DATA FOR THIS EXERCISE:
= Beginning of Section =
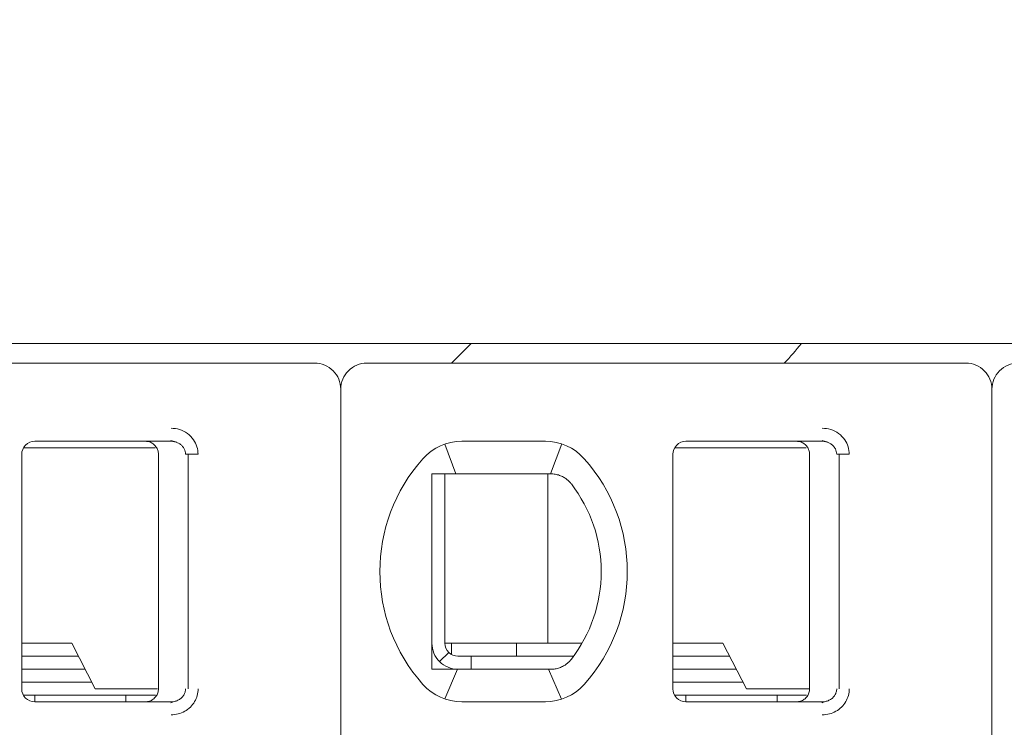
# Model space of a CAD drawing. Header units: millimetres. Extents: x -1114 to 1396, y -630 to 631.
# Tile 647 of 656: x 438.61 to 446.17, y 148.27 to 153.7. Entities that reach past the tile are written whole.
import ezdxf

# ---------------------------------------------------------------- set-up
doc = ezdxf.new("R2010")
doc.units = ezdxf.units.MM
doc.header["$MEASUREMENT"] = 0

msp = doc.modelspace()

# ---------------------------------------------------------------- linework, layer by layer
at = {"lineweight": 18}
for points, knots in [([(1038.9843, -629.7647), (1038.9843, -629.7647), (-1111.4882, -629.7647), (-1111.4882, -629.7647), (-1111.4882, -629.7647), (-1111.4882, -629.7647), (-1111.4882, 630.7883), (-1111.4882, 630.7883), (-1111.4882, 630.7883), (-1111.4882, 630.7883), (1038.9843, 630.7883), (1038.9843, 630.7883)], [0, 0, 0, 0, 0.333333, 0.333333, 0.333333, 0.333333, 0.666667, 0.666667, 0.666667, 0.666667, 1, 1, 1, 1]), ([(441.0729, 150.8657), (441.0729, 150.9187), (441.0518, 150.9696), (441.0143, 151.0071), (441.0143, 151.0071), (440.9768, 151.0446), (440.9259, 151.0657), (440.8729, 151.0657)], [0, 0, 0, 0, 0.5, 0.5, 0.5, 0.5, 1, 1, 1, 1]), ([(441.2729, 151.0657), (441.2198, 151.0657), (441.1689, 151.0446), (441.1314, 151.0071), (441.1314, 151.0071), (441.0939, 150.9696), (441.0729, 150.9187), (441.0729, 150.8657)], [0, 0, 0, 0, 0.5, 0.5, 0.5, 0.5, 1, 1, 1, 1]), ([(446.0729, 150.8657), (446.0729, 150.9187), (446.0518, 150.9696), (446.0143, 151.0071), (446.0143, 151.0071), (445.9768, 151.0446), (445.9259, 151.0657), (445.8729, 151.0657)], [0, 0, 0, 0, 0.5, 0.5, 0.5, 0.5, 1, 1, 1, 1]), ([(446.2729, 151.0657), (446.2198, 151.0657), (446.1689, 151.0446), (446.1314, 151.0071), (446.1314, 151.0071), (446.0939, 150.9696), (446.0729, 150.9187), (446.0729, 150.8657)], [0, 0, 0, 0, 0.5, 0.5, 0.5, 0.5, 1, 1, 1, 1]), ([(439.7703, 150.5657), (439.7923, 150.5658), (439.8135, 150.5626), (439.8346, 150.5558), (439.8346, 150.5558), (439.8557, 150.549), (439.8767, 150.5387), (439.8953, 150.5251), (439.8953, 150.5251), (439.9138, 150.5115), (439.9299, 150.4945), (439.9421, 150.4773), (439.9421, 150.4773), (439.9543, 150.4601), (439.9626, 150.4426), (439.9683, 150.424), (439.9683, 150.424), (439.9741, 150.4055), (439.9772, 150.386), (439.9773, 150.3657)], [0, 0, 0, 0, 0.2, 0.2, 0.2, 0.2, 0.4, 0.4, 0.4, 0.4, 0.6, 0.6, 0.6, 0.6, 0.8, 0.8, 0.8, 0.8, 1, 1, 1, 1]), ([(444.7703, 150.5657), (444.7923, 150.5658), (444.8135, 150.5626), (444.8346, 150.5558), (444.8346, 150.5558), (444.8557, 150.549), (444.8767, 150.5387), (444.8953, 150.5251), (444.8953, 150.5251), (444.9138, 150.5115), (444.9299, 150.4945), (444.9421, 150.4773), (444.9421, 150.4773), (444.9543, 150.4601), (444.9626, 150.4426), (444.9683, 150.424), (444.9683, 150.424), (444.9741, 150.4055), (444.9772, 150.386), (444.9773, 150.3657)], [0, 0, 0, 0, 0.2, 0.2, 0.2, 0.2, 0.4, 0.4, 0.4, 0.4, 0.6, 0.6, 0.6, 0.6, 0.8, 0.8, 0.8, 0.8, 1, 1, 1, 1]), ([(438.7229, 150.4657), (438.6963, 150.4657), (438.6709, 150.4551), (438.6521, 150.4364), (438.6521, 150.4364), (438.6334, 150.4176), (438.6229, 150.3922), (438.6229, 150.3657)], [0, 0, 0, 0, 0.5, 0.5, 0.5, 0.5, 1, 1, 1, 1]), ([(438.7229, 150.4657), (438.6963, 150.4657), (438.6709, 150.4551), (438.6521, 150.4364), (438.6521, 150.4364), (438.6334, 150.4176), (438.6229, 150.3922), (438.6229, 150.3657)], [0, 0, 0, 0, 0.5, 0.5, 0.5, 0.5, 1, 1, 1, 1]), ([(439.6729, 150.3657), (439.6729, 150.3761), (439.6712, 150.3865), (439.668, 150.3965), (439.668, 150.3965), (439.6648, 150.4064), (439.66, 150.4159), (439.6538, 150.4243), (439.6538, 150.4243), (439.6477, 150.4328), (439.6403, 150.4403), (439.6318, 150.4464), (439.6318, 150.4464), (439.6234, 150.4526), (439.6139, 150.4574), (439.604, 150.4607), (439.604, 150.4607), (439.594, 150.464), (439.5834, 150.4657), (439.5729, 150.4657)], [0, 0, 0, 0, 0.2, 0.2, 0.2, 0.2, 0.4, 0.4, 0.4, 0.4, 0.6, 0.6, 0.6, 0.6, 0.8, 0.8, 0.8, 0.8, 1, 1, 1, 1]), ([(439.7703, 150.4657), (439.779, 150.4657), (439.7878, 150.4647), (439.7963, 150.4628), (439.7963, 150.4628), (439.8046, 150.461), (439.8128, 150.4583), (439.8205, 150.4547), (439.8205, 150.4547), (439.8281, 150.4512), (439.8353, 150.4469), (439.8418, 150.4419), (439.8418, 150.4419), (439.848, 150.4371), (439.8536, 150.4317), (439.8586, 150.4258), (439.8586, 150.4258), (439.8631, 150.4203), (439.867, 150.4144), (439.8703, 150.4082), (439.8703, 150.4082), (439.8735, 150.402), (439.876, 150.3954), (439.8778, 150.3886), (439.8778, 150.3886), (439.8798, 150.3811), (439.8808, 150.3734), (439.8808, 150.3657)], [0, 0, 0, 0, 0.142857, 0.142857, 0.142857, 0.142857, 0.285714, 0.285714, 0.285714, 0.285714, 0.428571, 0.428571, 0.428571, 0.428571, 0.571429, 0.571429, 0.571429, 0.571429, 0.714286, 0.714286, 0.714286, 0.714286, 0.857143, 0.857143, 0.857143, 0.857143, 1, 1, 1, 1]), ([(443.7229, 150.4657), (443.6963, 150.4657), (443.6709, 150.4551), (443.6521, 150.4364), (443.6521, 150.4364), (443.6334, 150.4176), (443.6229, 150.3922), (443.6229, 150.3657)], [0, 0, 0, 0, 0.5, 0.5, 0.5, 0.5, 1, 1, 1, 1]), ([(443.7229, 150.4657), (443.6963, 150.4657), (443.6709, 150.4551), (443.6521, 150.4364), (443.6521, 150.4364), (443.6334, 150.4176), (443.6229, 150.3922), (443.6229, 150.3657)], [0, 0, 0, 0, 0.5, 0.5, 0.5, 0.5, 1, 1, 1, 1]), ([(444.6729, 150.3657), (444.6729, 150.3761), (444.6712, 150.3865), (444.668, 150.3965), (444.668, 150.3965), (444.6648, 150.4064), (444.66, 150.4159), (444.6538, 150.4243), (444.6538, 150.4243), (444.6477, 150.4328), (444.6403, 150.4403), (444.6318, 150.4464), (444.6318, 150.4464), (444.6234, 150.4526), (444.6139, 150.4574), (444.604, 150.4607), (444.604, 150.4607), (444.594, 150.464), (444.5834, 150.4657), (444.5729, 150.4657)], [0, 0, 0, 0, 0.2, 0.2, 0.2, 0.2, 0.4, 0.4, 0.4, 0.4, 0.6, 0.6, 0.6, 0.6, 0.8, 0.8, 0.8, 0.8, 1, 1, 1, 1]), ([(444.7703, 150.4657), (444.779, 150.4657), (444.7878, 150.4647), (444.7963, 150.4628), (444.7963, 150.4628), (444.8046, 150.461), (444.8128, 150.4583), (444.8205, 150.4547), (444.8205, 150.4547), (444.8281, 150.4512), (444.8353, 150.4469), (444.8418, 150.4419), (444.8418, 150.4419), (444.848, 150.4371), (444.8536, 150.4317), (444.8586, 150.4258), (444.8586, 150.4258), (444.8631, 150.4203), (444.867, 150.4144), (444.8703, 150.4082), (444.8703, 150.4082), (444.8735, 150.402), (444.876, 150.3954), (444.8778, 150.3886), (444.8778, 150.3886), (444.8798, 150.3811), (444.8808, 150.3734), (444.8808, 150.3657)], [0, 0, 0, 0, 0.142857, 0.142857, 0.142857, 0.142857, 0.285714, 0.285714, 0.285714, 0.285714, 0.428571, 0.428571, 0.428571, 0.428571, 0.571429, 0.571429, 0.571429, 0.571429, 0.714286, 0.714286, 0.714286, 0.714286, 0.857143, 0.857143, 0.857143, 0.857143, 1, 1, 1, 1]), ([(441.8343, 150.2157), (441.8276, 150.2157), (441.8208, 150.2157), (441.8139, 150.2157), (441.8139, 150.2157), (441.8071, 150.2157), (441.8003, 150.2157), (441.7935, 150.2157), (441.7935, 150.2157), (441.7866, 150.2157), (441.7797, 150.2157), (441.7729, 150.2157)], [0, 0, 0, 0, 0.333333, 0.333333, 0.333333, 0.333333, 0.666667, 0.666667, 0.666667, 0.666667, 1, 1, 1, 1]), ([(441.7729, 150.2157), (441.7729, 150.1647), (441.7729, 150.1122), (441.7729, 150.0573), (441.7729, 150.0573), (441.7729, 150.0298), (441.7729, 150.0017), (441.7729, 149.9728), (441.7729, 149.9728), (441.7729, 149.9583), (441.7729, 149.9437), (441.7729, 149.9287), (441.7729, 149.9287), (441.7729, 149.9138), (441.7729, 149.8986), (441.7729, 149.8833), (441.7729, 149.8833), (441.7729, 149.8525), (441.7729, 149.8209), (441.7729, 149.7882), (441.7729, 149.7882), (441.7729, 149.7555), (441.7729, 149.7217), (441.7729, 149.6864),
= End of Section =
Before answering, find the line with "doc.units = ezdxf.units.MM" in the records above; then reproduce exactly each line from the first through that line, leaving out pictures.

SOLUTION FOR THIS TASK:
# Model space of a CAD drawing. Header units: millimetres. Extents: x -1114 to 1396, y -630 to 631.
# Tile 647 of 656: x 438.61 to 446.17, y 148.27 to 153.7. Entities that reach past the tile are written whole.
import ezdxf

# ---------------------------------------------------------------- set-up
doc = ezdxf.new("R2010")
doc.units = ezdxf.units.MM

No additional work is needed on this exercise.